Daniel Hynes'ın da aralarında bulunduğu ANZ Group Holdings Ltd. analistleri bir notta, "Petrol piyasası, OPEC üreticilerinin bu hafta sonu yapacağı toplantı öncesinde gerginliğini koruyacak," dedi. "Grubun, son yıllarda ABD kaya petrolü üreticilerine kaptırdığı pazar payını geri kazanmak için piyasaya daha fazla varil petrol sürmeye devam edeceği yönündeki beklentiler artıyor."
OPEC+'ın bu yöndeki tutumu ve grup dışındaki sondajcıların arz artışları, arz fazlası endişelerini artırdığından, ABD ham petrol vadeli işlemleri bu yıl %12 geriledi. Trump yönetimi tarafından getirilen ticaret tarifelerinin etkisiyle de enerji talebine ilişkin artan endişeler de piyasa beklentilerini olumsuz etkiledi.

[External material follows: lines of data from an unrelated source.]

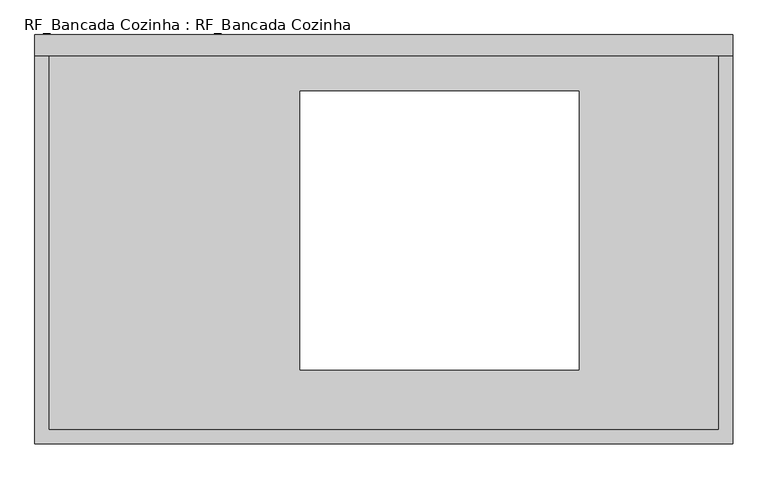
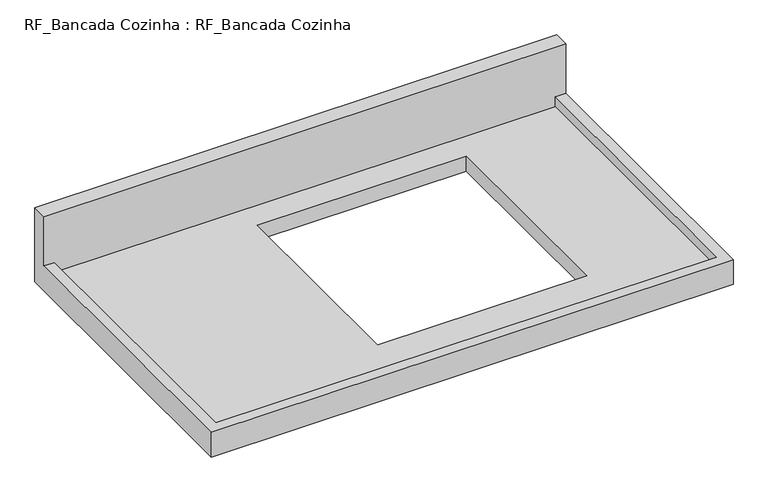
"""IFC4 building model written with IfcOpenShell, lengths in millimetres: proxy geometry, RF_Bancada Cozinha : RF_Bancada Cozinha."""

from ifc_helpers import new_model, si_unit, origin, place, context, project, spatial, faceted_brep, source, transform, mapped, element, save


def rf_bancada_cozinha_rf_bancada_cozinha_340fef9f(model_context):
    return source(origin(), model_context, "Body", "Brep", [
        faceted_brep([(1000.0, 0.0, 150.0), (1000.0, -30.0, 150.0), (1000.0, -30.0, 50.0), (1000.0, -586.2819009, 50.0), (1000.0, -586.2819009, 0.0), (1000.0, 0.0, 0.0), (0.0, 0.0, 150.0), (0.0, 0.0, 0.0), (0.0, -586.2819009, 0.0), (0.0, -586.2819009, 50.0), (0.0, -30.0, 50.0), (0.0, -30.0, 150.0), (20.0, -30.0, 50.0), (20.0, -30.0, 30.0), (980.0, -30.0, 30.0), (980.0, -30.0, 50.0), (980.0, -566.2819009, 50.0), (20.0, -566.2819009, 50.0), (380.0, -80.5819009, 0.0), (380.0, -480.5819009, 0.0), (780.0, -480.5819009, 0.0), (780.0, -80.5819009, 0.0), (20.0, -566.2819009, 30.0), (980.0, -566.2819009, 30.0), (380.0, -480.5819009, 30.0), (380.0, -80.5819009, 30.0), (780.0, -80.5819009, 30.0), (780.0, -480.5819009, 30.0)], [[[0, 1, 2, 3, 4, 5]], [[6, 7, 8, 9, 10, 11]], [[1, 0, 6, 11]], [[2, 1, 11, 10, 12, 13, 14, 15]], [[3, 2, 15, 16, 17, 12, 10, 9]], [[4, 3, 9, 8]], [[5, 4, 8, 7], [18, 19, 20, 21]], [[0, 5, 7, 6]], [[14, 13, 22, 23], [24, 25, 26, 27]], [[14, 23, 16, 15]], [[23, 22, 17, 16]], [[22, 13, 12, 17]], [[24, 19, 18, 25]], [[25, 18, 21, 26]], [[26, 21, 20, 27]], [[19, 24, 27, 20]]]),
    ])


if __name__ == "__main__":
    model = new_model("IFC4")
    model_context = context("Model", 3, world=origin())
    ifc_project = project(units=[si_unit("LENGTHUNIT", "METRE", prefix="MILLI")], contexts=[model_context])
    site = spatial("IfcSite", under=ifc_project)
    building = spatial("IfcBuilding", under=site)
    placement = place(None, origin())
    rf_bancada_cozinha_rf_bancada_cozinha_shape = rf_bancada_cozinha_rf_bancada_cozinha_340fef9f(model_context)
    element("IfcBuildingElementProxy", 1, Name="RF_Bancada Cozinha : RF_Bancada Cozinha", ObjectType="RF_Bancada Cozinha : RF_Bancada Cozinha", at=placement, inside=building, context=model_context, shape_type="MappedRepresentation", body=[
        mapped(rf_bancada_cozinha_rf_bancada_cozinha_shape, transform((0.0, 0.0, 0.0), x_axis=(1.0, 0.0, 0.0), y_axis=(0.0, 1.0, 0.0), z_axis=(0.0, 0.0, 1.0))),
    ])
    save(model, "model.ifc")

Japonya'da çalışanların nominal ücretleri son yedi ayın en hızlı artışını gösterirken, reel ücretler bu yıl ilk kez arttı ve bu durum Japonya Merkez Bankası'nın önümüzdeki aylarda faiz artırımını değerlendirmesini destekliyor.
Çalışma Bakanlığı Cuma günü yaptığı açıklamada, Temmuz ayında nominal ücretlerin bir önceki yıla göre %4,1 arttığını, Haziran ayındaki revize edilmiş %3,1'lik artışın hızlandığını bildirdi. Bu rakam, ekonomistlerin %3'lük büyüme tahminlerini aştı ve Aralık ayından bu yana en yüksek artışı kaydetti. Reel nakit kazançlar da yedi ay içinde ilk kez %0,5 artarak %0,6'lık düşüş beklentisini aştı.
Temel maaşlar %2,5 artarken, örnekleme sorunlarını ortadan kaldıran ve ikramiye ve fazla mesaileri hariç tutan daha istikrarlı bir ölçüt ise kadrolu çalışanlar için %2,4 arttı.
Cuma günkü veriler, Japonya'nın en büyük sendika federasyonunun üst üste ikinci kez işverenlerden %5'in üzerinde ücret artışı sözü almasının ardından ücret artış ivmesinin devam ettiğini gösterdi. Bu yılki, 34 yılın en büyük artışı olan kazanımlar, artık çoğunlukla maaşlara yansıyor.
Rakamlar, Japonya Merkez Bankası'nın (BOJ) bu yıl da referans faiz oranını artırabileceği beklentilerini güçlendirecek. Ekonomistler genellikle yetkililerin 19 Eylül'de yapacakları bir sonraki politika kararında faiz oranlarını sabit tutmalarını beklerken, çoğu kişi Ekim ayı gibi erken bir tarihte çeyrek puanlık bir artış olasılığını da göz önünde bulunduruyor.
Japonya Merkez Bankası Başkanı Kazuo Ueda Çarşamba günü yaptığı açıklamada, merkez bankasının fiyatlar ve ekonominin beklentiler doğrultusunda performans göstermesi halinde harekete geçeceğini yineledi. Pazartesi günü açıklanacak verilerin, ekonominin Haziran ayına kadar olan üç ayda beşinci çeyrekte de art arda büyüdüğünü teyit etmesi bekleniyor.
Ücretlerde sürdürülebilir artışlar, merkez bankasının ücret artışının tüketimi beslediği ve talebe bağlı fiyat artışlarının önünü açtığı erdemli bir döngüye ulaşma arayışının temel bileşenidir.
Elbette, en son ücret verileri, Haziran ayına göre %7,9 artan güçlü yaz ikramiyeleriyle desteklendi. Ülkenin en büyük üreticileri, Başkan Donald Trump'ın özellikle otomobil üreticilerini sert bir şekilde etkileyen gümrük vergisi kampanyasıyla mücadele ederken, değişken ücretlerdeki artışların sürdürülebilir olacağının garantisi yok. Trump, Perşembe günü iki ülke arasındaki Temmuz ayı ticaret anlaşmasını yürürlüğe koyan bir kararname imzaladı. Bu anlaşma kapsamında, ABD'nin Japon otomobil ithalatına uygulanan vergiler mevcut %27,5'ten %15'e düşürülecek.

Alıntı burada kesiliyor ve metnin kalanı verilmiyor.